**ACTIVITY**
Across the records below, how many lines include the word "under"? State only the number.

**RECORDS FOR THIS EXERCISE**
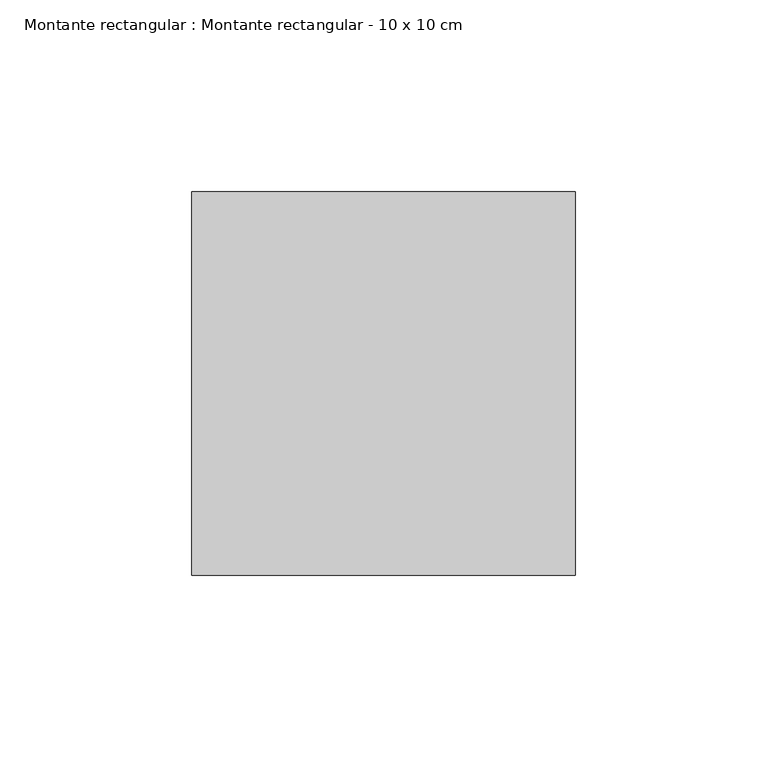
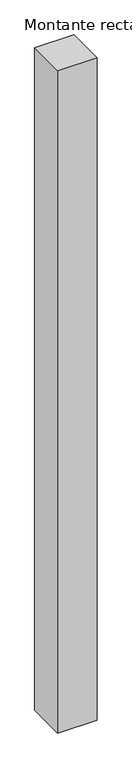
"""IFC4 building model written with IfcOpenShell, lengths in millimetres: member geometry, Montante rectangular : Montante rectangular - 10 x 10 cm."""

from ifc_helpers import new_model, si_unit, frame, origin, place, context, project, spatial, polyline, outline, extrude, source, transform, mapped, element, save


def montante_rectangular_montante_rectangular_10_x_10_cm_7be1e4ba(model_context):
    return source(origin(), model_context, "Body", "SweptSolid", [
        extrude(outline(polyline([(-100.0, 50.0), (0.0, 50.0), (0.0, -50.0), (-100.0, -50.0), (-100.0, 50.0)])), frame((0.0, 0.0, -1775.0), z_axis=(0.0, 0.0, 1.0), x_axis=(1.0, 0.0, 0.0)), (0.0, 0.0, 1.0), 1775.0),
    ])


if __name__ == "__main__":
    model = new_model("IFC4")
    model_context = context("Model", 3, world=origin())
    ifc_project = project(units=[si_unit("LENGTHUNIT", "METRE", prefix="MILLI")], contexts=[model_context])
    site = spatial("IfcSite", under=ifc_project)
    building = spatial("IfcBuilding", under=site)
    placement = place(None, origin())
    montante_rectangular_montante_rectangular_10_x_10_cm_shape = montante_rectangular_montante_rectangular_10_x_10_cm_7be1e4ba(model_context)
    element("IfcMember", 1, ObjectType="Montante rectangular : Montante rectangular - 10 x 10 cm", at=placement, inside=building, context=model_context, shape_type="MappedRepresentation", body=[
        mapped(montante_rectangular_montante_rectangular_10_x_10_cm_shape, transform((0.0, 0.0, 0.0), x_axis=(1.0, 0.0, 0.0), y_axis=(0.0, 1.0, 0.0), z_axis=(0.0, 0.0, 1.0))),
    ])
    save(model, "model.ifc")

**SOLUTION TO THIS EXERCISE**
2